I’ve been doing a lot of research into accessibility recently, specifically thinking about how to make research data files more accessible. There is a lot of existing content about the accessibility of common file types used in business (e.g. Word, PowerPoint, Excel, etc.), but only a little content specific to the accessibility of research data. Part of the issue is that a lot of our guidance around research data focuses on reusability and computability – guidance that sometimes conflicts with accessibility principles.
All of this has me thinking about the humble TXT file. Data management and sharing experts commonly recommend writing README.txt files to accompany shared data files (I myself have given this guidance many, many times). The TXT file type is recommended because it’s a simple file type that can be opened by many software programs, including the command line, making it so users don’t need special proprietary software to read these files. TXT files come up a lot for open documentation and often for data files themselves, especially when doing text analysis.
The problem with TXT files, however, is that they are not very accessible. There is zero extra formatting in a TXT file, meaning there is zero formatting for accessibility in a TXT file. Features that make text files more accessible include headings, hyperlinks, bullet points, etc.. TXT files don’t support these, let alone allow for content like images and tables. Unless the TXT file is very short, it’s going to be challenging to make a TXT document that is maximally accessible for a disabled user to navigate and read (that’s not to say someone using a screen reader can’t read a TXT file; rather, it will be inefficient to navigate).
The TXT’s role in documentation is even more concerning when considering recent research on data reuse by Koesten, et al. This group found that highly reused datasets on GitHub had more words, more headers, and more links in their README documentation files than less reused GitHub datasets. This is a correlation, not causation, but it makes sense that longer documentation makes for easier data reuse. My concern is that these helpful extras – like headers, links, and tables – are not supported by TXT files.
So where does that leave us? Microsoft Word has a ton of accessibility features, to the point where it’s the recommended file format in the U.S. government’s text document accessibility tutorial. But Word is a proprietary format owned by Microsoft. It’s now a bit easier to open and edit such files due to Google Docs, but using a proprietary file type for important data and documentation still raises concerns for me around reusability and computability.
Other alternatives for text-based document types are PDF and LaTeX (which can be converted into PDF). However, PDFs are notoriously difficult to make accessible; you need knowledge of how to make PDFs accessible and you have to use the paid version of Adobe Acrobat to edit the accessibility settings. LaTeX has some support for accessibility, but LaTeX accessibility is a currently developing area and, again, requires a lot of knowledge of how to do.

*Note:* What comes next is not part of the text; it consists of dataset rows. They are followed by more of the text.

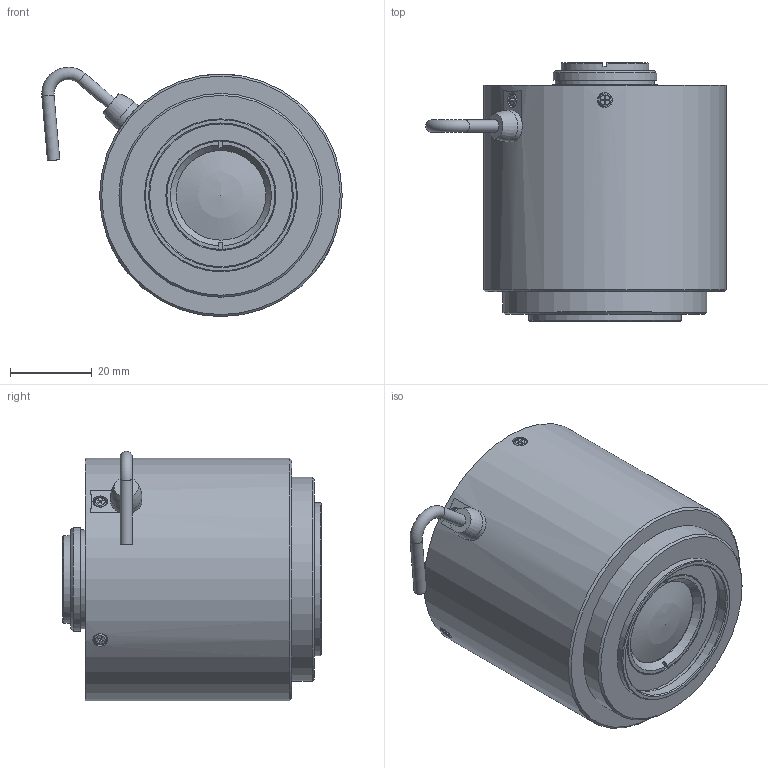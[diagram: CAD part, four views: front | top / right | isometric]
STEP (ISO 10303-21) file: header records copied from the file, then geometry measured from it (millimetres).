
FILE_DESCRIPTION(/* description */ ('Unknown'),/* implementation_level */ '2;1');
FILE_NAME(/* name */ 'Reference 3D-drawing of DL1224UC-MPY (Confidential_Tentative)_211014',/* time_stamp */ '2021-10-14T10:20:59+09:00',/* author */ ('Unknown'),/* organization */ ('Unknown'),/* preprocessor_version */ 'ST-DEVELOPER v16.7',/* originating_system */ 'DEX',/* authorisation */ $);
FILE_SCHEMA (('AUTOMOTIVE_DESIGN {1 0 10303 214 3 1 1}'));
Length unit declared in the file: millimetre
Products named in the file (1): DL1224UC-MPY
Bounding box: 73.68 x 63.38 x 61.13 mm (x, y, z)
Volume: 152023.3 mm3; surface area: 17729 mm2
Topology: 1 solids, 6 shells, 293 faces, 714 edges, 470 vertices
Faces by surface type: plane 205, cylinder 53, cone 23, torus 10, sphere 2
Full cylindrical faces by diameter (mm): 2 x4, 2.2 x4, 3 x10, 3.6 x4, 3.8 x4, 7.699 x1, 13.6 x1, 14.221 x1, 21.5 x1, 22 x1, 24.3 x1, 25.4 x1, 29 x1, 35 x1, 35.5 x1, 37.5 x1, 50 x1, 59.5 x1
Entity records: 10216 total; most frequent: CARTESIAN_POINT 1516, DIRECTION 1337, ORIENTED_EDGE 1262, EDGE_CURVE 631, LINE 473, VECTOR 473, VERTEX_POINT 453, AXIS2_PLACEMENT_3D 432

I’m personally very interested in Markdown (MD or RMD) for filling this documentation accessibility/reusability gap. In fact, Koesten’s research (cited earlier) looked at datasets on GitHub, which uses Markdown as the default file format for README documentation files. Markdown is an open text format that supports formatting like headings, hyperlinks, bullet points, etc.. Markdown does this by using special characters to signify where formatting should be applied to specific text. This does have a learning curve, but it’s not as challenging to learn as LaTeX. Markdown also requires tools to convert the marked up text into HTML, PDF, Word, etc., which means Markdown integration into other systems may be a limiting factor for the general population’s adoption of this file format.
I’m not sure I have a clear answer to the challenge posed in this post. The bigger issue is that we must start considering accessibility in our default guidance for data management and sharing. And by considering accessibility, it will start to change our default guidance, hopefully for something better. As for text files and documentation, I think Markdown can fill an important gap for accessible and reusable text, but I also recognize that many researchers don’t have the knowledge and infrastructure to make this switch at the present time.
What are your thoughts about the humble TXT file?